Hello,
I am fairly new to Ganglia, and have a problem with Ganglia
3.6.0 / Ganglia Web 3.5.10: In one of my clusters, after I
add approximately 55 hosts, the graphs go blank. I think
it's very similar to http://www.mail-archive.com/ganglia-general%40lists.sourceforge.net/msg07852.html,
but that thread is old and does not seem to have been
resolved.
I have five clusters -- four are small (up to 40 hosts) and
are working fine. The last one, "HPC Cluster", is where I am
having trouble. I start gmond 3-5 servers at a
time and after approximately 55 hosts, the web site starts
showing blackouts. If I add more hosts the blackout becomes
permanent. The blackouts present as follows:
* In the Grid report the number of hosts and cores for akk
clusters is correct and allhosts are marked "up".

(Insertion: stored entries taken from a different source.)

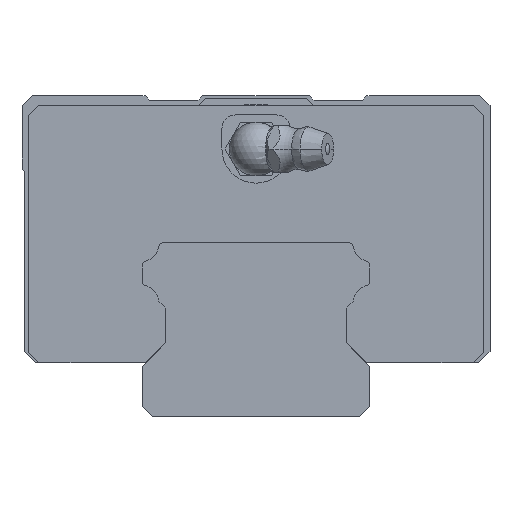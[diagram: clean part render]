
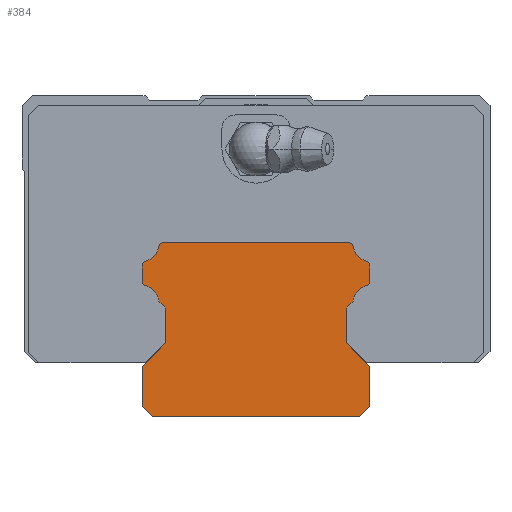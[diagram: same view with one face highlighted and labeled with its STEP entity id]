
A CAD part, front view. The second image highlights one B-rep face of the part: STEP entity #384.
In plain terms, the highlighted planar face has unit normal (0, -1, 0).
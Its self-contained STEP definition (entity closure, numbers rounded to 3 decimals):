
#384=ADVANCED_FACE('',(#855),#856,.T.);
#855=FACE_OUTER_BOUND('',#1419,.T.);
#856=PLANE('',#1420);
#1419=EDGE_LOOP('',(#3168,#3169,#3170,#3171,#3172,#3173,#3174,#3175,#3176,#3177,#3178,#3179,#3180,#3181,#3182,#3183,#3184,#3185,#3186,#3187,#3188,#3189,#3190,#3191));
#1420=AXIS2_PLACEMENT_3D('',#3192,#3193,#3194);
#3168=ORIENTED_EDGE('',*,*,#3862,.T.);
#3169=ORIENTED_EDGE('',*,*,#3909,.T.);
#3170=ORIENTED_EDGE('',*,*,#3847,.T.);
#3171=ORIENTED_EDGE('',*,*,#3901,.T.);
#3172=ORIENTED_EDGE('',*,*,#3910,.T.);
#3173=ORIENTED_EDGE('',*,*,#3911,.T.);
#3174=ORIENTED_EDGE('',*,*,#3851,.T.);
#3175=ORIENTED_EDGE('',*,*,#3866,.T.);
#3176=ORIENTED_EDGE('',*,*,#3856,.T.);
#3177=ORIENTED_EDGE('',*,*,#3912,.T.);
#3178=ORIENTED_EDGE('',*,*,#3913,.T.);
#3179=ORIENTED_EDGE('',*,*,#3914,.T.);
#3180=ORIENTED_EDGE('',*,*,#3915,.T.);
#3181=ORIENTED_EDGE('',*,*,#3903,.T.);
#3182=ORIENTED_EDGE('',*,*,#3841,.T.);
#3183=ORIENTED_EDGE('',*,*,#3916,.T.);
#3184=ORIENTED_EDGE('',*,*,#3891,.T.);
#3185=ORIENTED_EDGE('',*,*,#3898,.T.);
#3186=ORIENTED_EDGE('',*,*,#3917,.T.);
#3187=ORIENTED_EDGE('',*,*,#3868,.T.);
#3188=ORIENTED_EDGE('',*,*,#3918,.T.);
#3189=ORIENTED_EDGE('',*,*,#3919,.T.);
#3190=ORIENTED_EDGE('',*,*,#3837,.T.);
#3191=ORIENTED_EDGE('',*,*,#3920,.T.);
#3192=CARTESIAN_POINT('',(-16.2,-95.0,20.283));
#3193=DIRECTION('',(0.0,-1.0,0.0));
#3194=DIRECTION('',(0.0,0.0,-1.0));
#3837=EDGE_CURVE('',#4765,#4766,#4767,.T.);
#3841=EDGE_CURVE('',#4773,#4774,#4775,.T.);
#3847=EDGE_CURVE('',#4783,#4784,#4785,.T.);
#3851=EDGE_CURVE('',#4791,#4792,#4793,.T.);
#3856=EDGE_CURVE('',#4800,#4801,#4802,.T.);
#3862=EDGE_CURVE('',#4810,#4811,#4812,.T.);
#3866=EDGE_CURVE('',#4792,#4800,#4818,.T.);
#3868=EDGE_CURVE('',#4820,#4821,#4822,.T.);
#3891=EDGE_CURVE('',#4858,#4859,#4860,.T.);
#3898=EDGE_CURVE('',#4859,#4869,#4870,.T.);
#3901=EDGE_CURVE('',#4784,#4873,#4874,.T.);
#3903=EDGE_CURVE('',#4876,#4773,#4877,.T.);
#3909=EDGE_CURVE('',#4811,#4783,#4885,.T.);
#3910=EDGE_CURVE('',#4873,#4886,#4887,.T.);
#3911=EDGE_CURVE('',#4886,#4791,#4888,.T.);
#3912=EDGE_CURVE('',#4801,#4889,#4890,.T.);
#3913=EDGE_CURVE('',#4889,#4891,#4892,.T.);
#3914=EDGE_CURVE('',#4891,#4893,#4894,.T.);
#3915=EDGE_CURVE('',#4893,#4876,#4895,.T.);
#3916=EDGE_CURVE('',#4774,#4858,#4896,.T.);
#3917=EDGE_CURVE('',#4869,#4820,#4897,.T.);
#3918=EDGE_CURVE('',#4821,#4898,#4899,.T.);
#3919=EDGE_CURVE('',#4898,#4765,#4900,.T.);
#3920=EDGE_CURVE('',#4766,#4810,#4901,.T.);
#4765=VERTEX_POINT('',#6207);
#4766=VERTEX_POINT('',#6208);
#4767=CIRCLE('',#6209,2.6);
#4773=VERTEX_POINT('',#6217);
#4774=VERTEX_POINT('',#6218);
#4775=CIRCLE('',#6219,2.6);
#4783=VERTEX_POINT('',#6229);
#4784=VERTEX_POINT('',#6230);
#4785=CIRCLE('',#6231,2.6);
#4791=VERTEX_POINT('',#6239);
#4792=VERTEX_POINT('',#6240);
#4793=LINE('',#6241,#6242);
#4800=VERTEX_POINT('',#6252);
#4801=VERTEX_POINT('',#6253);
#4802=LINE('',#6254,#6255);
#4810=VERTEX_POINT('',#6266);
#4811=VERTEX_POINT('',#6267);
#4812=LINE('',#6268,#6269);
#4818=LINE('',#6278,#6279);
#4820=VERTEX_POINT('',#6282);
#4821=VERTEX_POINT('',#6283);
#4822=CIRCLE('',#6284,0.8);
#4858=VERTEX_POINT('',#6332);
#4859=VERTEX_POINT('',#6333);
#4860=LINE('',#6334,#6335);
#4869=VERTEX_POINT('',#6346);
#4870=CIRCLE('',#6347,0.8);
#4873=VERTEX_POINT('',#6351);
#4874=LINE('',#6352,#6353);
#4876=VERTEX_POINT('',#6356);
#4877=LINE('',#6357,#6358);
#4885=CIRCLE('',#6367,0.8);
#4886=VERTEX_POINT('',#6368);
#4887=LINE('',#6369,#6370);
#4888=LINE('',#6371,#6372);
#4889=VERTEX_POINT('',#6373);
#4890=LINE('',#6374,#6375);
#4891=VERTEX_POINT('',#6376);
#4892=LINE('',#6377,#6378);
#4893=VERTEX_POINT('',#6379);
#4894=LINE('',#6380,#6381);
#4895=LINE('',#6382,#6383);
#4896=CIRCLE('',#6384,0.8);
#4897=CIRCLE('',#6385,2.6);
#4898=VERTEX_POINT('',#6386);
#4899=LINE('',#6387,#6388);
#4900=CIRCLE('',#6389,0.8);
#4901=CIRCLE('',#6390,0.8);
#6207=CARTESIAN_POINT('',(-14.573,-95.0,25.338));
#6208=CARTESIAN_POINT('',(-16.42,-95.0,23.286));
#6209=AXIS2_PLACEMENT_3D('',#7242,#7243,#7244);
#6217=CARTESIAN_POINT('',(14.545,-95.0,17.245));
#6218=CARTESIAN_POINT('',(16.42,-95.0,19.514));
#6219=AXIS2_PLACEMENT_3D('',#7250,#7251,#7252);
#6229=CARTESIAN_POINT('',(-16.42,-95.0,19.514));
#6230=CARTESIAN_POINT('',(-14.545,-95.0,17.245));
#6231=AXIS2_PLACEMENT_3D('',#7264,#7265,#7266);
#6239=CARTESIAN_POINT('',(-17.0,-95.0,7.5));
#6240=CARTESIAN_POINT('',(-17.0,-95.0,1.5));
#6241=CARTESIAN_POINT('',(-17.0,-95.0,7.5));
#6242=VECTOR('',#7272,1000.0);
#6252=CARTESIAN_POINT('',(-15.5,-95.0,0.));
#6253=CARTESIAN_POINT('',(15.5,-95.0,0.0));
#6254=CARTESIAN_POINT('',(-15.5,-95.0,0.0));
#6255=VECTOR('',#7279,1000.0);
#6266=CARTESIAN_POINT('',(-17.0,-95.0,22.517));
#6267=CARTESIAN_POINT('',(-17.0,-95.0,20.283));
#6268=CARTESIAN_POINT('',(-17.0,-95.0,22.517));
#6269=VECTOR('',#7289,1000.0);
#6278=CARTESIAN_POINT('',(-17.0,-95.0,1.5));
#6279=VECTOR('',#7293,1000.0);
#6282=CARTESIAN_POINT('',(14.573,-95.0,25.338));
#6283=CARTESIAN_POINT('',(13.785,-95.0,26.0));
#6284=AXIS2_PLACEMENT_3D('',#7295,#7296,#7297);
#6332=CARTESIAN_POINT('',(17.0,-95.0,20.283));
#6333=CARTESIAN_POINT('',(17.0,-95.0,22.517));
#6334=CARTESIAN_POINT('',(17.0,-95.0,20.283));
#6335=VECTOR('',#7340,1000.0);
#6346=CARTESIAN_POINT('',(16.42,-95.0,23.286));
#6347=AXIS2_PLACEMENT_3D('',#7355,#7356,#7357);
#6351=CARTESIAN_POINT('',(-13.5,-95.0,16.2));
#6352=CARTESIAN_POINT('',(-14.545,-95.0,17.245));
#6353=VECTOR('',#7362,1000.0);
#6356=CARTESIAN_POINT('',(13.5,-95.0,16.2));
#6357=CARTESIAN_POINT('',(13.5,-95.0,16.2));
#6358=VECTOR('',#7364,1000.0);
#6367=AXIS2_PLACEMENT_3D('',#7378,#7379,#7380);
#6368=CARTESIAN_POINT('',(-13.5,-95.0,11.));
#6369=CARTESIAN_POINT('',(-13.5,-95.0,16.2));
#6370=VECTOR('',#7381,1000.0);
#6371=CARTESIAN_POINT('',(-13.5,-95.0,11.));
#6372=VECTOR('',#7382,1000.0);
#6373=CARTESIAN_POINT('',(17.0,-95.0,1.5));
#6374=CARTESIAN_POINT('',(15.5,-95.0,0.0));
#6375=VECTOR('',#7383,1000.0);
#6376=CARTESIAN_POINT('',(17.0,-95.0,7.5));
#6377=CARTESIAN_POINT('',(17.0,-95.0,1.5));
#6378=VECTOR('',#7384,1000.0);
#6379=CARTESIAN_POINT('',(13.5,-95.0,11.));
#6380=CARTESIAN_POINT('',(17.0,-95.0,7.5));
#6381=VECTOR('',#7385,1000.0);
#6382=CARTESIAN_POINT('',(13.5,-95.0,11.));
#6383=VECTOR('',#7386,1000.0);
#6384=AXIS2_PLACEMENT_3D('',#7387,#7388,#7389);
#6385=AXIS2_PLACEMENT_3D('',#7390,#7391,#7392);
#6386=CARTESIAN_POINT('',(-13.785,-95.0,26.0));
#6387=CARTESIAN_POINT('',(13.785,-95.0,26.0));
#6388=VECTOR('',#7393,1000.0);
#6389=AXIS2_PLACEMENT_3D('',#7394,#7395,#7396);
#6390=AXIS2_PLACEMENT_3D('',#7397,#7398,#7399);
#7242=CARTESIAN_POINT('',(-17.134,-95.0,25.786));
#7243=DIRECTION('',(0.0,1.0,0.));
#7244=DIRECTION('',(1.0,0.0,0.0));
#7250=CARTESIAN_POINT('',(17.134,-95.0,17.014));
#7251=DIRECTION('',(0.0,1.0,0.));
#7252=DIRECTION('',(1.0,0.0,0.0));
#7264=CARTESIAN_POINT('',(-17.134,-95.0,17.014));
#7265=DIRECTION('',(0.0,1.0,0.));
#7266=DIRECTION('',(1.0,0.0,0.0));
#7272=DIRECTION('',(0.0,0.0,-1.0));
#7279=DIRECTION('',(1.0,0.0,0.0));
#7289=DIRECTION('',(0.0,0.0,-1.0));
#7293=DIRECTION('',(0.707,0.0,-0.707));
#7295=CARTESIAN_POINT('',(13.785,-95.0,25.2));
#7296=DIRECTION('',(0.0,-1.0,0.0));
#7297=DIRECTION('',(1.0,0.0,0.0));
#7340=DIRECTION('',(0.0,0.0,1.0));
#7355=CARTESIAN_POINT('',(16.2,-95.0,22.517));
#7356=DIRECTION('',(0.0,-1.0,0.0));
#7357=DIRECTION('',(1.0,0.0,0.0));
#7362=DIRECTION('',(0.707,0.0,-0.707));
#7364=DIRECTION('',(0.707,0.0,0.707));
#7378=CARTESIAN_POINT('',(-16.2,-95.0,20.283));
#7379=DIRECTION('',(0.0,-1.0,0.0));
#7380=DIRECTION('',(1.0,0.0,0.0));
#7381=DIRECTION('',(0.0,0.0,-1.0));
#7382=DIRECTION('',(-0.707,0.0,-0.707));
#7383=DIRECTION('',(0.707,0.0,0.707));
#7384=DIRECTION('',(0.0,0.0,1.0));
#7385=DIRECTION('',(-0.707,0.0,0.707));
#7386=DIRECTION('',(0.0,0.0,1.0));
#7387=CARTESIAN_POINT('',(16.2,-95.0,20.283));
#7388=DIRECTION('',(0.0,-1.0,0.0));
#7389=DIRECTION('',(1.0,0.0,0.0));
#7390=CARTESIAN_POINT('',(17.134,-95.0,25.786));
#7391=DIRECTION('',(0.0,1.0,0.));
#7392=DIRECTION('',(1.0,0.0,0.0));
#7393=DIRECTION('',(-1.0,0.0,0.0));
#7394=CARTESIAN_POINT('',(-13.785,-95.0,25.2));
#7395=DIRECTION('',(0.0,-1.0,0.0));
#7396=DIRECTION('',(1.0,0.0,0.0));
#7397=CARTESIAN_POINT('',(-16.2,-95.0,22.517));
#7398=DIRECTION('',(0.0,-1.0,0.0));
#7399=DIRECTION('',(1.0,0.0,0.0));

* In the Cluster report, the number of cores is correct but
some hosts are marked "down". Actually, most of the time
they're all marked "down".
* In both the Grid report and the Cluster report the graphs
for HPC Cluster are blank.
* None of
this affects any of the other clusters.
I've read a number of threads and tried to anticipate the
most common questions.
* All servers use NTP and running "date" on all of them
shows they're synchronized to a second or so.
* I do not see the message "illegal attempt to update using
time X when last update time is X".
* I moved gmetad to a bigger box (16 cores, 256 GB RAM,
negligible prior usage). Didn't even increase the number of
hosts I can add before the blackouts start.
* All data
sources use the default polling interval, 15 seconds.
* Tried adding the servers in different orders.
* No errors in the logs, no errors of I start gmond and
gmetad with -d.
* I ran "netstat -su" on all boxes, and there were no
packets dropped anywhere.
* I ran "netstat -au" on the gmetad box and "Recv-Q" and
'Send-Q" were always 0.
* The server
where gmetad runs has a UDP buffer
(/proc/sys/net/core/rmem_max) of 4194304.
* I dumped the RRDs and in these blank areas the metrics are
"NaN".
* During blackouts, I tried "telnet <gmetad servicing
node> <port>" and always got an immediate and
apparently full response.
* The cluster's gmonds are all multicast and all listen and
send. I tried unicast and I tried a deaf/mute
multicastwithout any improvement.
I guess that the fact that none of the other clusters is
impacted means it's not a resources issie. I therefore
assume it's a configuration or architecture issue. I can
post the configuration files of gmetad and gmond, but this
post is pretty long as it is. So, in short:
* I am using one gmetad for all clusters.
* The data source for "HPC Cluster" has 6 nodes servicing it
(n800, n816, n832, n848, n864, n880) and uses port 8650.
I
originally only had two nodes. When the blackouts started, I
added more.
* Gmond on
all hosts uses six multicast channels, the same 6 nodes
(n800, n816, n832, n848, n864, n880) on port 8650.
I
originally had a single multicast channel. When the
blackouts started, I added more.
* Gmond on
all hosts listens on UDP and TCP on port 8650.
Since none of the other clusters is impected, I could
probably split this cluster in smaller clusters and those
would work, but this will make reporting the full cluster
usage more painful.
Any suggestions or ideas would be welcome.